EXERCISE AIM
When a line below contains the word "points", copy that line.

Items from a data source
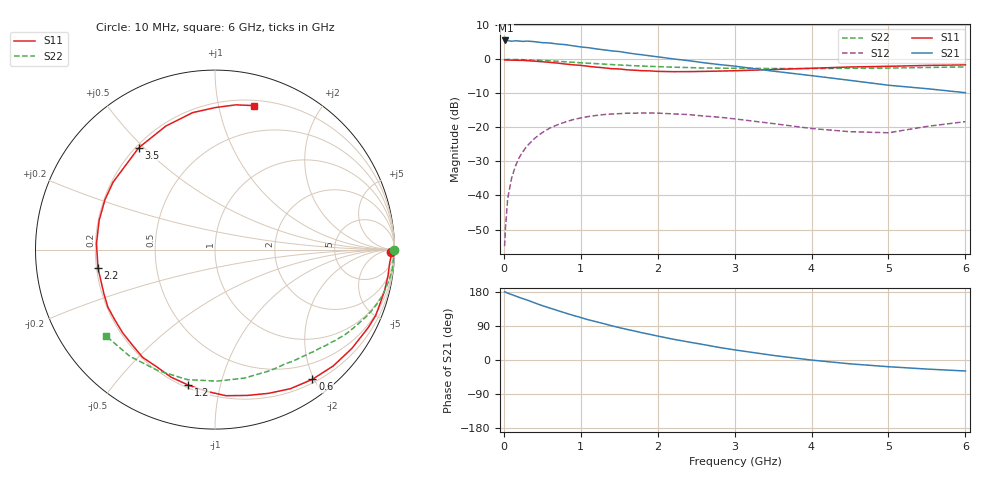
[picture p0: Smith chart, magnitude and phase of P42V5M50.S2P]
! SIEMENS Small Signal Semiconductors
! BFP182
! Si NPN RF Bipolar Junction Transistor in SOT143
! VCE = 2.5 V  IC = 0.5 mA
! Common Emitter S-Parameters:  March  1996
# GHz  S  MA  R  50
!  f  S11  S21  S12  S22
! GHz  MAG  ANG  MAG  ANG  MAG  ANG  MAG  ANG
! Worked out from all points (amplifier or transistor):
!   36 points, 10 MHz to 6 GHz, reference 50 ohm
!   highest |S21| = 5.6 dB at 20 MHz (marker M1)
!   |S21| within 3 dB of that: start of sweep to 1.381 GHz
!   unconditionally stable (mu >= 1): 2.949 GHz to end of sweep
!   at 250 MHz: K = 0.09, MSG = 16.2 dB, |S12| = -27.1 dB
!   at 1.4 GHz: K = 0.49, MSG = 9.3 dB, |S12| = -16.0 dB
!   at 6 GHz: K = 1.20, MAG = 1.6 dB, |S12| = -18.3 dB
!   S11 on the Smith chart (normalised r, x): 10 MHz: 63, -59; 600 MHz: 0.25, -1.98; 1.2 GHz: 0.22, -0.80; 2.2 GHz: 0.21, -0.08; 3.5 GHz: 0.21, +0.48; 6 GHz: 0.25, +1.28
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0.01  0.9832 -0.9  1.855 179.7  0.0018 82.7  0.9993 -0.2
0.02  0.9826 -1.9  1.897 179.3  0.0032 84.6  0.993 -0.6
0.05  0.976 -4.4  1.887 176.4  0.009 89.3  0.9988 -1.6
0.1  0.9747 -8.8  1.849 172.8  0.0178 83.3  0.9954 -3.2
0.15  0.9721 -13.7  1.876 169.1  0.0269 80.8  0.9951 -4.9
0.2  0.9676 -18.2  1.86 165.2  0.0362 78.1  0.9936 -6.5
0.3  0.9582 -26.9  1.857 158.5  0.0531 72.3  0.9851 -9.7
0.4  0.9407 -35.8  1.82 150.7  0.0691 66.9  0.9758 -12.8
0.6  0.9038 -53.1  1.74 137.0  0.0982 55.6  0.9512 -18.6
0.8  0.8549 -69.5  1.648 124.0  0.1203 45.7  0.9215 -23.9
1.1  0.7904 -93.7  1.484 106.1  0.1447 32.2  0.8784 -30.9
1.2  0.7692 -101.2  1.427 101.0  0.1501 27.8  0.8659 -33.2
1.6  0.7033 -130.9  1.251 80.7  0.162 14.1  0.8174 -40.7
1.9  0.6774 -151.8  1.127 67.6  0.1627 5.3  0.7894 -46.1
2.2  0.6601 -171.0  1.017 54.9  0.158 -2.0  0.7683 -51.3
2.8  0.6731 155.7  0.839 33.1  0.1415 -13.3  0.7434 -62.3
3.5  0.709 126.8  0.672 12.1  0.114 -19.1  0.7345 -77.1
4  0.7407 111.7  0.577 -0.2  0.0964 -16.1  0.7329 -89.2
4.5  0.7732 99.3  0.492 -10.1  0.0865 -8.8  0.7406 -102.0
5  0.7913 89.9  0.417 -17.7  0.0835 6.3  0.7454 -115.2
5.5  0.8149 81.8  0.371 -23.9  0.1035 13.5  0.7607 -128.6
6  0.8315 74.7  0.324 -29.0  0.1216 15.0  0.7748 -141.6
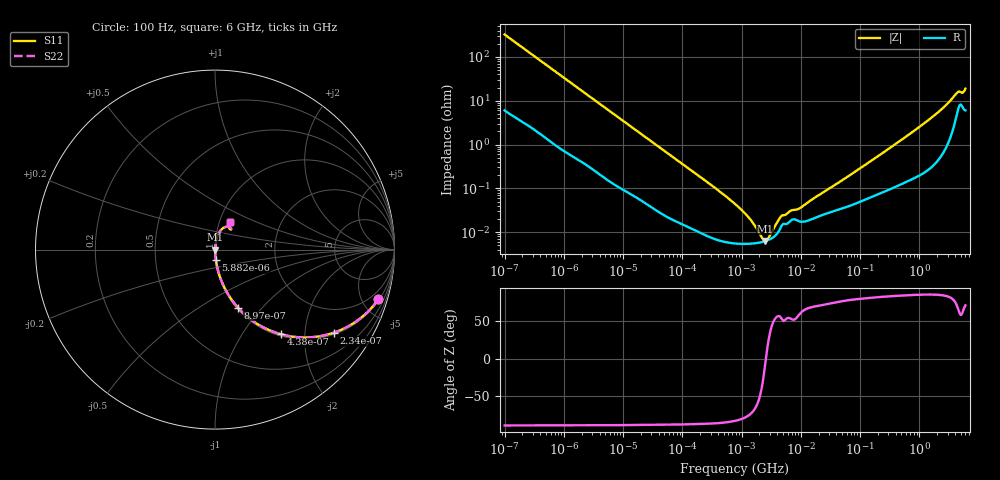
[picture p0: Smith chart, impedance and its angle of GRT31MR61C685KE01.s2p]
!Murata Part Number: GRT31MR61C685KE01
!These Parameters are Measured in Series Mode Connection
!Data Generated on Jun 19, 2026
!  o--ll--o
!Port1  Port2
!  o------o
!Operation Temp=25[degC], DC Bias Voltage=0[V]
!Freq. Start=100[Hz] Stop=6[GHz] 401[Steps]
# Hz S RI R 50
!Freq.(Hz) S11(Real) S11(Imag) S21(Real) S21(Imag) S12(Real) S12(Imag) S22(Real) S22(Imag)
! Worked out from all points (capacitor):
!   401 points, 100 Hz to 6 GHz, reference 50 ohm
!   read as one part in series: C = 4.86 uF near 109 Hz
!   lowest |Z| = 6.31 mohm at 2.481 MHz (marker M1)
!   series resonance near 2.573 MHz, so ESL is about 790 pH
!   S11 on the Smith chart (normalised r, x): 100 Hz: 1.12, -6.52; 234 Hz: 1.06, -2.81; 438 Hz: 1.03, -1.52; 897 Hz: 1.02, -0.75; 5.882 kHz: 1.00, -0.12; 6 GHz: 1.12, +0.36
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100  0.9098 -0.2774  0.0902 0.2774  0.0902 0.2774  0.9098 -0.2774
150  0.8227 -0.3724  0.1773 0.3724  0.1773 0.3724  0.8227 -0.3724
234  0.6614 -0.4632  0.3386 0.4632  0.3386 0.4632  0.6614 -0.4632
438  0.368 -0.4719  0.632 0.4719  0.632 0.4719  0.368 -0.4719
897  0.1278 -0.3235  0.8722 0.3235  0.8722 0.3235  0.1278 -0.3235
2008  0.0314 -0.1629  0.9686 0.1629  0.9686 0.1629  0.0314 -0.1629
5882  0.00485 -0.0582  0.9951 0.0582  0.9951 0.0582  0.00485 -0.0582
40335  0.000364 -0.00883  0.9996 0.00883  0.9996 0.00883  0.000364 -0.00883
774597  5.54e-05 -0.000439  0.9999 0.000439  0.9999 0.000439  5.54e-05 -0.000439
1267578  5.43e-05 -0.000224  0.9999 0.000224  0.9999 0.000224  5.43e-05 -0.000224
1896632  5.72e-05 -9.09e-05  0.9999 9.09e-05  0.9999 9.09e-05  5.72e-05 -9.09e-05
2481164  6.22e-05 -1.07e-05  0.9999 1.07e-05  0.9999 1.07e-05  6.22e-05 -1.07e-05
3245845  7.3e-05 7.07e-05  0.9999 -7.07e-05  0.9999 -7.07e-05  7.3e-05 7.07e-05
4246196  0.000105 0.000162  0.9999 -0.000162  0.9999 -0.000162  0.000105 0.000162
4856642  0.000148 0.000191  0.9999 -0.000191  0.9999 -0.000191  0.000148 0.000191
6948629  0.000189 0.000251  0.9998 -0.000251  0.9998 -0.000251  0.000189 0.000251
9506416  0.000177 0.000301  0.9998 -0.000301  0.9998 -0.000301  0.000177 0.000301
1.555665e7  0.0002 0.000525  0.9998 -0.000525  0.9998 -0.000525  0.0002 0.000525
3.124326e8  0.00101 0.00815  0.999 -0.00815  0.999 -0.00815  0.00101 0.00815
1.712697e9  0.00519 0.0436  0.9948 -0.0436  0.9948 -0.0436  0.00519 0.0436
4.193612e9  0.0571 0.1259  0.9429 -0.1259  0.9429 -0.1259  0.0571 0.1259
6e9  0.0833 0.1552  0.9167 -0.1552  0.9167 -0.1552  0.0833 0.1552

ANSWER SPACE
! Worked out from all points (amplifier or transistor):
!   36 points, 10 MHz to 6 GHz, reference 50 ohm
! Worked out from all points (capacitor):
!   401 points, 100 Hz to 6 GHz, reference 50 ohm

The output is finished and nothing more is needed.